# Seed  Bay Seeds



## ozman (Nov 14, 2009)

Wel I took a gamble on seedbay,bought 10 mazar i shariff beans.
Took a week to get the money there,a week to get my beans,at least this time I had a good transaction.
Just in case anybody else ever wondered about them.
Now lets hope they are healthy and what I ordered 


:holysheep: 


ostpicsworthless:


----------



## Locked (Nov 14, 2009)

I love seed bay... i hve ordered a cpl different strains and the freebies were great....My current grow is mostly seed bay seeds...


----------



## indicaman (Nov 17, 2009)

Ditto----only bought one time and it was off seedbay.  Was in Alaska at the time and took a month to get the beans.  Long time but satisfied with quality.


----------



## nvthis (Nov 29, 2009)

I have been getting PPP as freebies from them lately, but I was getting mazar.
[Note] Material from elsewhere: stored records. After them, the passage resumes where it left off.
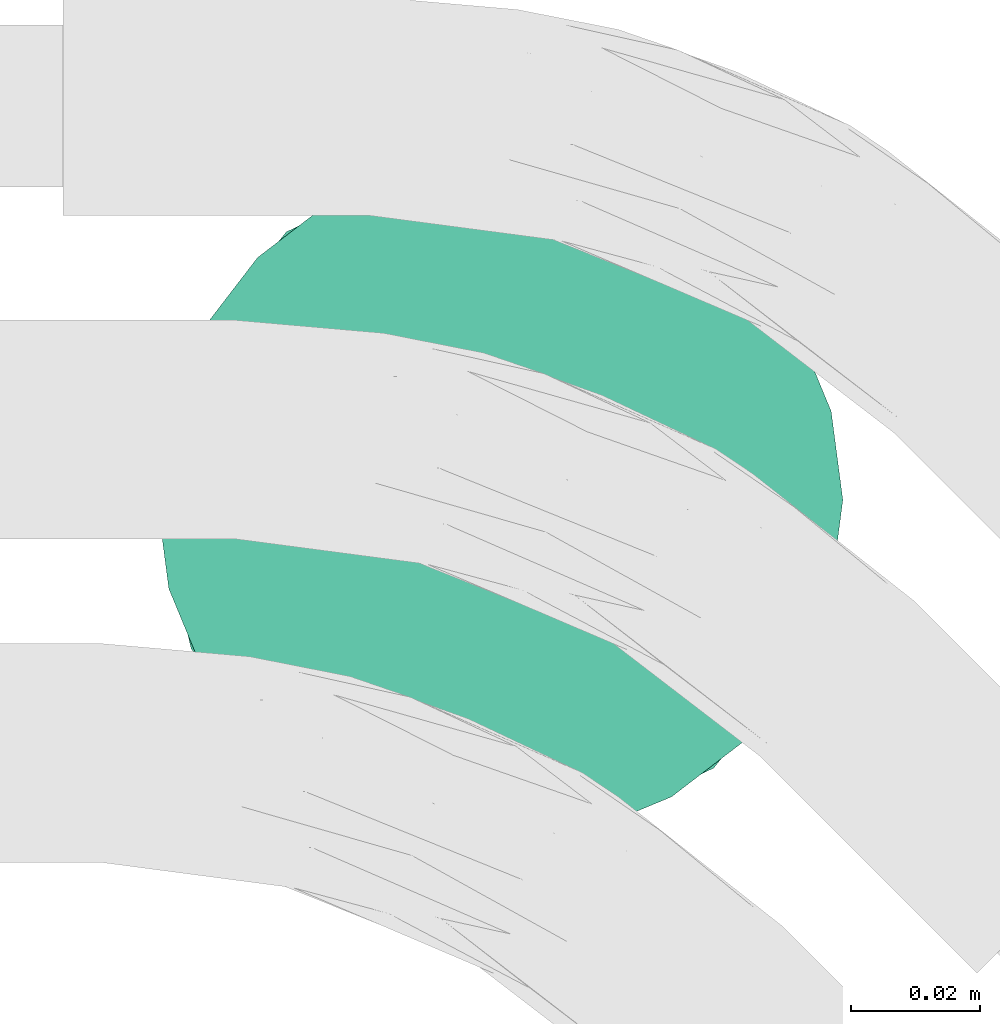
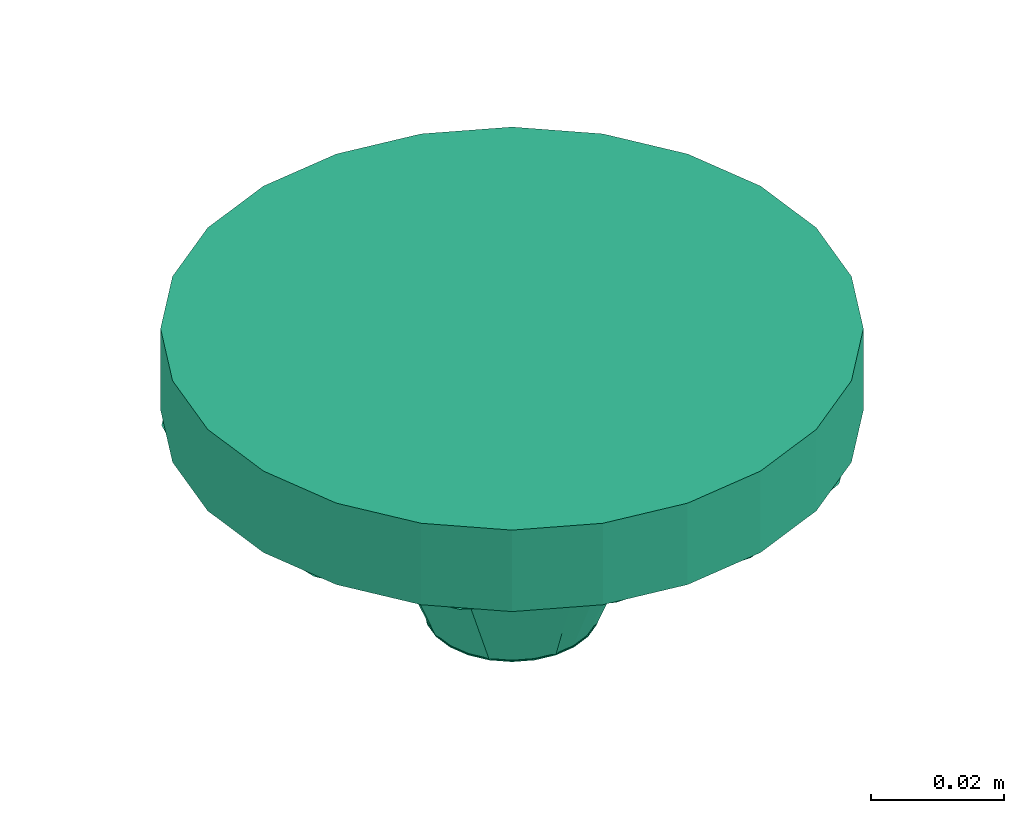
# One storey, part 50 of 51: 1 distribution control element.
"""IFC2X3 building model written with IfcOpenShell, lengths in millimetres."""

from ifc_helpers import new_model, entity, si_unit, converted_unit, derived_unit, direction, frame, origin_with_axes, place, context, subcontext, project, spatial, open_shell, surface_model, source, transform, mapped, type_object, element, save


model = new_model("IFC2X3")

# Units and contexts
model_context = context("Model", 3, precision=0.01, world=frame((0.0, 4.29681676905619e-09, 0.0)), true_north=direction((4.01073788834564e-13, 1.0)))
plan_context = context("Plan", 3, precision=0.01, world=frame((0.0, 4.29681676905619e-09, 0.0)), true_north=direction((4.01073788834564e-13, 1.0)))
body_context = subcontext(model_context, "Body", "Model", "MODEL_VIEW")
ifc_project = project(units=[converted_unit("PLANEANGLEUNIT", "DEGREE", entity("IfcPositiveLengthMeasure", 0.0174532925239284), si_unit("PLANEANGLEUNIT", "RADIAN"), dimensions=[0, 0, 0, 0, 0, 0, 0]), si_unit("AREAUNIT", "SQUARE_METRE"), si_unit("LENGTHUNIT", "METRE", prefix="MILLI"), si_unit("MASSUNIT", "GRAM", prefix="KILO"), si_unit("POWERUNIT", "WATT"), si_unit("PRESSUREUNIT", "PASCAL"), si_unit("FORCEUNIT", "NEWTON", prefix="KILO"), si_unit("ELECTRICVOLTAGEUNIT", "VOLT"), si_unit("ELECTRICCURRENTUNIT", "AMPERE"), si_unit("THERMODYNAMICTEMPERATUREUNIT", "DEGREE_CELSIUS"), si_unit("TIMEUNIT", "SECOND"), si_unit("VOLUMEUNIT", "CUBIC_METRE"), derived_unit("LINEARVELOCITYUNIT", [(si_unit("LENGTHUNIT", "METRE"), 1), (si_unit("TIMEUNIT", "SECOND"), -1)]), derived_unit("VOLUMETRICFLOWRATEUNIT", [(si_unit("VOLUMEUNIT", "CUBIC_METRE"), 1), (si_unit("TIMEUNIT", "SECOND"), -1)]), derived_unit("THERMALTRANSMITTANCEUNIT", [(si_unit("POWERUNIT", "WATT"), 1), (si_unit("THERMODYNAMICTEMPERATUREUNIT", "KELVIN"), -1), (si_unit("AREAUNIT", "SQUARE_METRE"), -1)]), derived_unit("SOUNDPRESSUREUNIT", [(si_unit("PRESSUREUNIT", "PASCAL"), 1)])], contexts=[model_context, plan_context])

# Site, building, storey
site_placement = place(None, frame((0.0, -4.29681676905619e-09, 0.0), z_axis=(0.0, 0.0, 1.0), x_axis=(1.0, 0.0, 0.0)))
site = spatial("IfcSite", under=ifc_project, at=site_placement, Name="ENGM", CompositionType="ELEMENT")
building_placement = place(site_placement, frame((0.0, 4.29681676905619e-09, 0.0), z_axis=(0.0, 0.0, 1.0), x_axis=(1.0, 0.0, 0.0)))
building = spatial("IfcBuilding", under=site, at=building_placement, Name="TI", CompositionType="ELEMENT")
storey_placement = place(building_placement, frame((0.0, 0.0, 210900.0), z_axis=(0.0, 0.0, 1.0), x_axis=(1.0, 0.0, 0.0)))
storey = spatial("IfcBuildingStorey", under=building, at=storey_placement, Name="Nivå F", CompositionType="ELEMENT", Elevation=210900.0)

# Distribution control element
alarm_type = type_object("IfcAlarmType", Name="Standard", PredefinedType="NOTDEFINED")
shared_shape = source(origin_with_axes(), body_context, "Body", "SurfaceModel", [
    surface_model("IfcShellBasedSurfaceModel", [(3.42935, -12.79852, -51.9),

Hope you don't get the mazar freebies with yer order!:doh:


----------



## Locked (Nov 29, 2009)

nvthis said:
			
		

> I have been getting PPP as freebies from them lately, but I was getting mazar. Hope you don't get the mazar freebies with yer order!:doh:



I got the PPP freebies too...hve you grown any of them out? Curious about them...


----------



## maineharvest (Dec 1, 2009)

Ive got some of the PPPs at seven weeks into flower right now.  They are a vigorous plant and grow quite fast.  Right now they are in very low temps out in the shed so it has def effected my yields but they still look great.  I figure they still have a couple weeks to go.  I got them as freebies from Seed Botique.


----------



## nvthis (Dec 9, 2009)

Just got my MOD beans from SBay in the mailbox this weekend. Came with Chrome's Blueberry Chunk for freebies.


----------